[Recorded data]
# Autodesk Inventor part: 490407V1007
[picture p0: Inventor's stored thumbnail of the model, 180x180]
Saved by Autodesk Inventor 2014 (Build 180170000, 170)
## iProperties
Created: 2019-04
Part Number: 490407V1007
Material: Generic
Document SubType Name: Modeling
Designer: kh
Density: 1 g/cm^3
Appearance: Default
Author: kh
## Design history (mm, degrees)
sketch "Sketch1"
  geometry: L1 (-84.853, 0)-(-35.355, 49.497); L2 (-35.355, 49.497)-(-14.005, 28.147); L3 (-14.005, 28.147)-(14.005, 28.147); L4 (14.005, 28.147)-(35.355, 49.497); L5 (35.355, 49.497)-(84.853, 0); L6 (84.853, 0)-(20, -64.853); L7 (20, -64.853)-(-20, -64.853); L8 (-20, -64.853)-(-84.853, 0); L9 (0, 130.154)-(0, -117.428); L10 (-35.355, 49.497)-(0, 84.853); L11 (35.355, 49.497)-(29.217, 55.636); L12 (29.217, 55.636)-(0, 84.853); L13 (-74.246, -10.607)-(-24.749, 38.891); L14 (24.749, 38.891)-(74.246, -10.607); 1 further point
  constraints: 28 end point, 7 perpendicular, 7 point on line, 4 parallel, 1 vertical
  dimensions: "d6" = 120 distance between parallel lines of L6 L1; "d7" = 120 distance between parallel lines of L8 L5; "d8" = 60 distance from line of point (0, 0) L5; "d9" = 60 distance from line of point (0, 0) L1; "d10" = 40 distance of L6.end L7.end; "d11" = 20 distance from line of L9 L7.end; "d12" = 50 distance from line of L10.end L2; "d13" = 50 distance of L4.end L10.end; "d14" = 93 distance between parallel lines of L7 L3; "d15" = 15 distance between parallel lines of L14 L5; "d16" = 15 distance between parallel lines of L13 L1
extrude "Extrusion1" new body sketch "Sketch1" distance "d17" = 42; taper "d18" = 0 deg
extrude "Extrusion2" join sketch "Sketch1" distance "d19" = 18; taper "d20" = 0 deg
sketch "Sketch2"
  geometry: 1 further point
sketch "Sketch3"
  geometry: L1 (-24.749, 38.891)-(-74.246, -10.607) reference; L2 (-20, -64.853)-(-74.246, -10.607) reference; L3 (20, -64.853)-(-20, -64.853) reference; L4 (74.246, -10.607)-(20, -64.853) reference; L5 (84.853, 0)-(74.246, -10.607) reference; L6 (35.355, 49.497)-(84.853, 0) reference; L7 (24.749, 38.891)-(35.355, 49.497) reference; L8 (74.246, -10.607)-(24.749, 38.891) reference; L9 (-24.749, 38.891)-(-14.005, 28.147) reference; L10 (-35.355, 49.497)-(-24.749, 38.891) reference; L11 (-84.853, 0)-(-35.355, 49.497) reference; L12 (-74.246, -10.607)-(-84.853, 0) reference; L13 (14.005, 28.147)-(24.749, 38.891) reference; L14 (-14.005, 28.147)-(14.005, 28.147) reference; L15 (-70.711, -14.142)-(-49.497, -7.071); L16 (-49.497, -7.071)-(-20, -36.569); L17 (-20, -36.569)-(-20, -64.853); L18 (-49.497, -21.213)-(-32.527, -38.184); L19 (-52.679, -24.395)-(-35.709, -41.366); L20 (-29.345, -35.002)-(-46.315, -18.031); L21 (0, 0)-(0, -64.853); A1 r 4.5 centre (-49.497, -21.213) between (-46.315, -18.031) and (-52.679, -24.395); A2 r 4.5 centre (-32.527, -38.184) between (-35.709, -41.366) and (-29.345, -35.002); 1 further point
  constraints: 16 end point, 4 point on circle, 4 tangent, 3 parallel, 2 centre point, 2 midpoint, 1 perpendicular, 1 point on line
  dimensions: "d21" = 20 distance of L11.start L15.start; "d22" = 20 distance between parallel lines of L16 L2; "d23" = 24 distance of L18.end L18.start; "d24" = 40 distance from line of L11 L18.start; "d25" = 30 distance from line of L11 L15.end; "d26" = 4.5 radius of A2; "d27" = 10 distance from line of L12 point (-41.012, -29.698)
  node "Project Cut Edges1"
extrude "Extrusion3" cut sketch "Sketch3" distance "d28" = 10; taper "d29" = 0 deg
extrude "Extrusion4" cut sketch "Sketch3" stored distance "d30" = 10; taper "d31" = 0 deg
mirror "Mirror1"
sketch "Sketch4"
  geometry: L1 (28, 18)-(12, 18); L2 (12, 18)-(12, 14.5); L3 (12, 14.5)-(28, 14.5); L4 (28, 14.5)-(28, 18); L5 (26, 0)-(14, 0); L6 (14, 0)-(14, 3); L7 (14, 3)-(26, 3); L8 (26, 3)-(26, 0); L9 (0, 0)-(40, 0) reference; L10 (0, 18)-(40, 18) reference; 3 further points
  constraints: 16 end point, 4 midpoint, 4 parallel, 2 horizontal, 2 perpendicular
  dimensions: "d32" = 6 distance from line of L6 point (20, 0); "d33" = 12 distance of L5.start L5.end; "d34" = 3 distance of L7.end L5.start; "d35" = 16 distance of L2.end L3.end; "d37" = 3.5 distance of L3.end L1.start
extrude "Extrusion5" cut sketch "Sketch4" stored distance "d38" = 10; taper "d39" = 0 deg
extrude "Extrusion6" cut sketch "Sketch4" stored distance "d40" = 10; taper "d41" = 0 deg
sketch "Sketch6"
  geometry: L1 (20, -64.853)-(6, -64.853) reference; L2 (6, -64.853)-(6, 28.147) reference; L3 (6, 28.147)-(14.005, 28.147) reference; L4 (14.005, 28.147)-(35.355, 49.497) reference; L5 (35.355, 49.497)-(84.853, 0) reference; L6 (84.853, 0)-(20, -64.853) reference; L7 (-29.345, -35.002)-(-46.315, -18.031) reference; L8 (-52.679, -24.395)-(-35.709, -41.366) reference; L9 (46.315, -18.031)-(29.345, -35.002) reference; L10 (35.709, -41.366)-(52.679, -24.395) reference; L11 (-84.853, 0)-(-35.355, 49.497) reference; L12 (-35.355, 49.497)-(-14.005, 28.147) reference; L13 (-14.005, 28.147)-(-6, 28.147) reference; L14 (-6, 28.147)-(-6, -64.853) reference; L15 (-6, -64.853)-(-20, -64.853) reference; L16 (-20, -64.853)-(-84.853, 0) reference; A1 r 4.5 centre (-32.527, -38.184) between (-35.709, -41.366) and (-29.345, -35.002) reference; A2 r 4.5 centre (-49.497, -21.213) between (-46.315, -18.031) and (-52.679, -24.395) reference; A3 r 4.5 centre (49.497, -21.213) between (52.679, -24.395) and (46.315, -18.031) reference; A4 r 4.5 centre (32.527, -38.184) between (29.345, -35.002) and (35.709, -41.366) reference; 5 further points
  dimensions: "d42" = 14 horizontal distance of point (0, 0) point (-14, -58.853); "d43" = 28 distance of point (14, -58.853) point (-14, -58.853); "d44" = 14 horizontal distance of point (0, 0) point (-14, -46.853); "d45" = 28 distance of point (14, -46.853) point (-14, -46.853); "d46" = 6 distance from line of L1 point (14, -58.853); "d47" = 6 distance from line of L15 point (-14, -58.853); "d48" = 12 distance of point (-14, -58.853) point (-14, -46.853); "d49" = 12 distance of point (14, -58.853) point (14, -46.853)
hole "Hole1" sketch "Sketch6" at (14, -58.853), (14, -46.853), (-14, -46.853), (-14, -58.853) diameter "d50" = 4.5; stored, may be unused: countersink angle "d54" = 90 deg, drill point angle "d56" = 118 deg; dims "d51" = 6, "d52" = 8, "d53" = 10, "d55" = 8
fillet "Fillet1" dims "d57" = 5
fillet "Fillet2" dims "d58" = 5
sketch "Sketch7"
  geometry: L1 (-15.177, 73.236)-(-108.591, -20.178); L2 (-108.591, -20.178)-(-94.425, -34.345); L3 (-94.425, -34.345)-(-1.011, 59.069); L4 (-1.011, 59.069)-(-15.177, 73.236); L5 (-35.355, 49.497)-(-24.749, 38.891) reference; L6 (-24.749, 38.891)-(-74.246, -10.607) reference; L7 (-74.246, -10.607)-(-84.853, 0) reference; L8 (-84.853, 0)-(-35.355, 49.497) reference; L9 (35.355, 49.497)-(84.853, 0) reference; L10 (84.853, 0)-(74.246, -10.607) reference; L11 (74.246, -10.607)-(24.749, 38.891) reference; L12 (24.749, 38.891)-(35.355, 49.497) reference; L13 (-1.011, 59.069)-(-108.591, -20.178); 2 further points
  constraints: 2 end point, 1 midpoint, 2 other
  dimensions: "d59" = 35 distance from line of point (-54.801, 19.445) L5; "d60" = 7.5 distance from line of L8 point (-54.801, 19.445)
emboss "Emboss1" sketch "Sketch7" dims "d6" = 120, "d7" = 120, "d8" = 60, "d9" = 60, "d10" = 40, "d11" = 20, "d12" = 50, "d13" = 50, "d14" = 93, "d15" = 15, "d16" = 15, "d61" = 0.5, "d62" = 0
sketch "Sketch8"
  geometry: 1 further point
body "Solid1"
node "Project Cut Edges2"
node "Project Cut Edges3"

--- EXERCISE ---
Transcribe, word for word, every line from the one containing "L8 point (-54.801, 19.445)" through the final line of the entries, and nothing else.

--- SOLUTION BELOW ---
  dimensions: "d59" = 35 distance from line of point (-54.801, 19.445) L5; "d60" = 7.5 distance from line of L8 point (-54.801, 19.445)
emboss "Emboss1" sketch "Sketch7" dims "d6" = 120, "d7" = 120, "d8" = 60, "d9" = 60, "d10" = 40, "d11" = 20, "d12" = 50, "d13" = 50, "d14" = 93, "d15" = 15, "d16" = 15, "d61" = 0.5, "d62" = 0
sketch "Sketch8"
  geometry: 1 further point
body "Solid1"
node "Project Cut Edges2"
node "Project Cut Edges3"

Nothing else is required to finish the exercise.